Je kan dus naast je taak als scheidsrechter ook als neutrale toeschouwer van een wedstrijd genieten?
‘Absoluut. Je bent tijdens de wedstrijd echt in je eentje en bent met alles en iedereen bezig. Iedereen heeft een mening en iedereen wil iets. Maar als je na 90 minuten gestrest van het veld komt heb je iets toch niet goed gedaan. En het plezier dat je hebt met omgaan van mensen is gewoon hartstikke leuk. Als ik nou naar zo’n Abou van Loosdrecht kijk, die nu naar vv Hoogland is gegaan; daar kan ik echt van genieten! Laatst floot ik DOVO-Kozakkenboys en daar loopt een linkerspits en die maakt een “no look” goal. Ik was de eerste, die naast hem stond en zei “wat een goal!”. Soms complimenteer ik ook aanvoerders met hoe ze die rol invullen. Naast de waardering die je geeft, creëer je ook bondgenoten wanneer de wedstrijd zou omslaan.’
VOORBEREIDING
Waar voel jij je als scheidsrechter in het algemeen bij een club welkom? Waar moet volgens jou een club als gastheer t.o.v. een scheidsrechter aan voldoen?
‘Mensen. Het gaat echt om de mensen. Ik kom bij clubs waar het werkelijk houtje-touwtje is geregeld, maar waar ik na afloop van de dag kon concluderen, dat ik een hartstikke leuke middag heb gehad. Maar het komt ook voor dat ik bij een club ben, waar alles volgens het boekje is georganiseerd en geregeld en dat ik in de auto zit naar huis en me afvraag waar ik vandaag eigenlijk ben geweest. De interactie met mensen is belangrijk. Het is belangrijk dat er een ontvangst is en het is leuk als je mensen kent. Toen ik begin van het vorige seizoen bij Victoria binnenkwam kende ik niemand, maar toch voelde het goed en ontspannen aan. Als er naar je wordt omgekeken is dat natuurlijk niet onbelangrijk, maar je maakt natuurlijk ook de gekste dingen mee. Zo moest ik, toen we het huidige wedstrijdsysteem nog niet hadden, wel eens zelf de lichten in de bestuurskamer aan doen en zelf het wedstrijdformulier invullen. Er is dan gewoon niemand! Maar eerlijk gezegd, het gros van de clubs heeft het netjes geregeld. Vrijwel overal word je fatsoenlijk ontvangen.
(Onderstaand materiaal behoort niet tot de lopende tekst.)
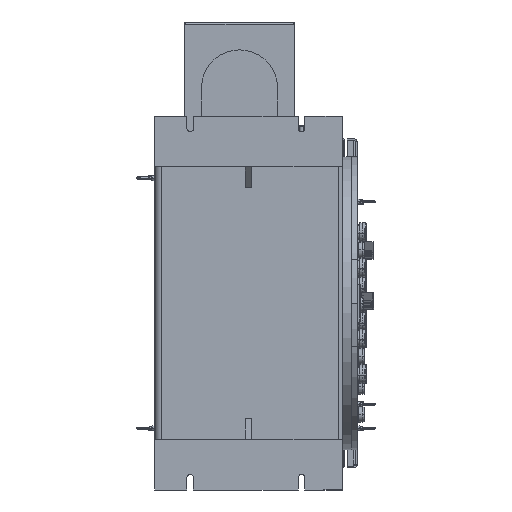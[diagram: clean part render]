
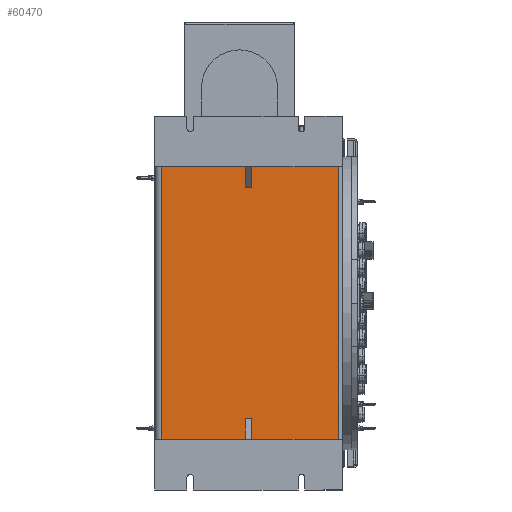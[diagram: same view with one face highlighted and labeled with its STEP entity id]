
A CAD part, front view. The second image highlights one B-rep face of the part: STEP entity #60470.
In plain terms, the highlighted planar face has unit normal (0, -1, 0).
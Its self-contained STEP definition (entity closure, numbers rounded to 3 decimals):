
#13859 = CARTESIAN_POINT ( 'NONE',  ( 13., -325., 0. ) ) ;
#21077 = CARTESIAN_POINT ( 'NONE',  ( 362., -325., -650. ) ) ;
#30068 = AXIS2_PLACEMENT_3D ( 'NONE', #68186, #37161, #170832 ) ;
#32119 = VERTEX_POINT ( 'NONE', #113085 ) ;
#37161 = DIRECTION ( 'NONE',  ( 0., 1., 0. ) ) ;
#39072 = PLANE ( 'NONE',  #30068 ) ;
#52460 = EDGE_CURVE ( 'NONE', #53371, #73051, #133213, .T. ) ;
#53371 = VERTEX_POINT ( 'NONE', #53633 ) ;
#53633 = CARTESIAN_POINT ( 'NONE',  ( 13., -325., -650. ) ) ;
#53926 = EDGE_CURVE ( 'NONE', #165440, #53371, #177215, .T. ) ;
#60470 = ADVANCED_FACE ( 'NONE', ( #164155 ), #39072, .F. ) ;
#60904 = VECTOR ( 'NONE', #181169, 1000. ) ;
#61831 = LINE ( 'NONE', #21077, #110404 ) ;
#65804 = DIRECTION ( 'NONE',  ( 0., 0., 1. ) ) ;
#68186 = CARTESIAN_POINT ( 'NONE',  ( 0., -325., -650. ) ) ;
#71381 = ORIENTED_EDGE ( 'NONE', *, *, #170426, .F. ) ;
#73051 = VERTEX_POINT ( 'NONE', #182182 ) ;
#110404 = VECTOR ( 'NONE', #65804, 1000. ) ;
#113085 = CARTESIAN_POINT ( 'NONE',  ( 362., -325., 0. ) ) ;
#117156 = VECTOR ( 'NONE', #131967, 1000. ) ;
#121501 = EDGE_LOOP ( 'NONE', ( #187533, #184891, #162657, #71381 ) ) ;
#121516 = DIRECTION ( 'NONE',  ( 0., 0., 1. ) ) ;
#131967 = DIRECTION ( 'NONE',  ( 1., 0., 0. ) ) ;
#133213 = LINE ( 'NONE', #135822, #151787 ) ;
#135791 = LINE ( 'NONE', #13859, #117156 ) ;
#135822 = CARTESIAN_POINT ( 'NONE',  ( 13., -325., -650. ) ) ;
#149869 = EDGE_CURVE ( 'NONE', #165440, #32119, #61831, .T. ) ;
#151787 = VECTOR ( 'NONE', #121516, 1000. ) ;
#162657 = ORIENTED_EDGE ( 'NONE', *, *, #149869, .T. ) ;
#164155 = FACE_OUTER_BOUND ( 'NONE', #121501, .T. ) ;
#165440 = VERTEX_POINT ( 'NONE', #179904 ) ;
#170426 = EDGE_CURVE ( 'NONE', #73051, #32119, #135791, .T. ) ;
#170832 = DIRECTION ( 'NONE',  ( 0., 0., 1. ) ) ;
#177215 = LINE ( 'NONE', #191003, #60904 ) ;
#179904 = CARTESIAN_POINT ( 'NONE',  ( 362., -325., -650. ) ) ;
#181169 = DIRECTION ( 'NONE',  ( -1., 0., 0. ) ) ;
#182182 = CARTESIAN_POINT ( 'NONE',  ( 13., -325., 0. ) ) ;
#184891 = ORIENTED_EDGE ( 'NONE', *, *, #53926, .F. ) ;
#187533 = ORIENTED_EDGE ( 'NONE', *, *, #52460, .F. ) ;
#191003 = CARTESIAN_POINT ( 'NONE',  ( 8., -325., -650. ) ) ;

Na afloop blijf ik altijd. Dat staat los van het feit of ik een goede of slechte wedstrijd heb gefloten. Als er kritiek is zal ik er altijd naar luisteren en als er iets is om aan toe te voegen, zal ik dat zeker niet laten.’
Heb je vooraf nog een praatje met je grensrechters en wat zijn je belangrijkste instructies?
‘Jazeker. De bedoeling hiervan is om even het ijs te breken en als het clubassistenten zijn, dan tast ik graag af wat voor vlees ik in de kuip heb. Je hebt natuurlijk de welbekende thuisvlaggers, de zogenaamde puntenpakkers, die ik graag even in de ogen wil kijken. Maar het gaat erom hoe je het beste connectie kan leggen met elkaar. Je merkt dat als de connectie er is, er ook meer vertrouwen is onderling, waardoor een betere samenwerking ontstaat. Wat betreft de afspraken onderling, die zijn wel genoegzaam bekend, maar het grappige is: ze staan wel bij je tijdens dat praatje, maar eigenlijk luisteren ze helemaal niet.’
Wat zijn nu de afspraken bij corners?
‘De instructie voor een scheidsrechter is, dat met clubassistenten je als scheidsrechter zelf de achterlijn voor je rekening neemt. De reden dat je dit doet, is dat je overzicht hebt en houdt over het 5 meter-gebied en zicht hebt of de bal wel of niet over de lijn is. Als een club-assistent de verantwoordelijkheid heeft over deze twee aspecten, dan blijkt tijdens het consulteren bij twijfelgevallen het voor een club-assistent – met gevoel voor understatement – menigmaal een te grote uitdaging om zijn objectiviteit te bewaren. Ook bij het geven van een penalty na een corner, sta je veel dichter op de situatie en is het “verkopen” van deze zware beslissing een stuk gemakkelijker, dan dat je pakweg tien meter van de situatie af staat. Als scheidsrechters deze afspraken niet maken met club-assistenten, kan dat natuurlijk ook te maken hebben met een zekere luiheid of een matige conditie.’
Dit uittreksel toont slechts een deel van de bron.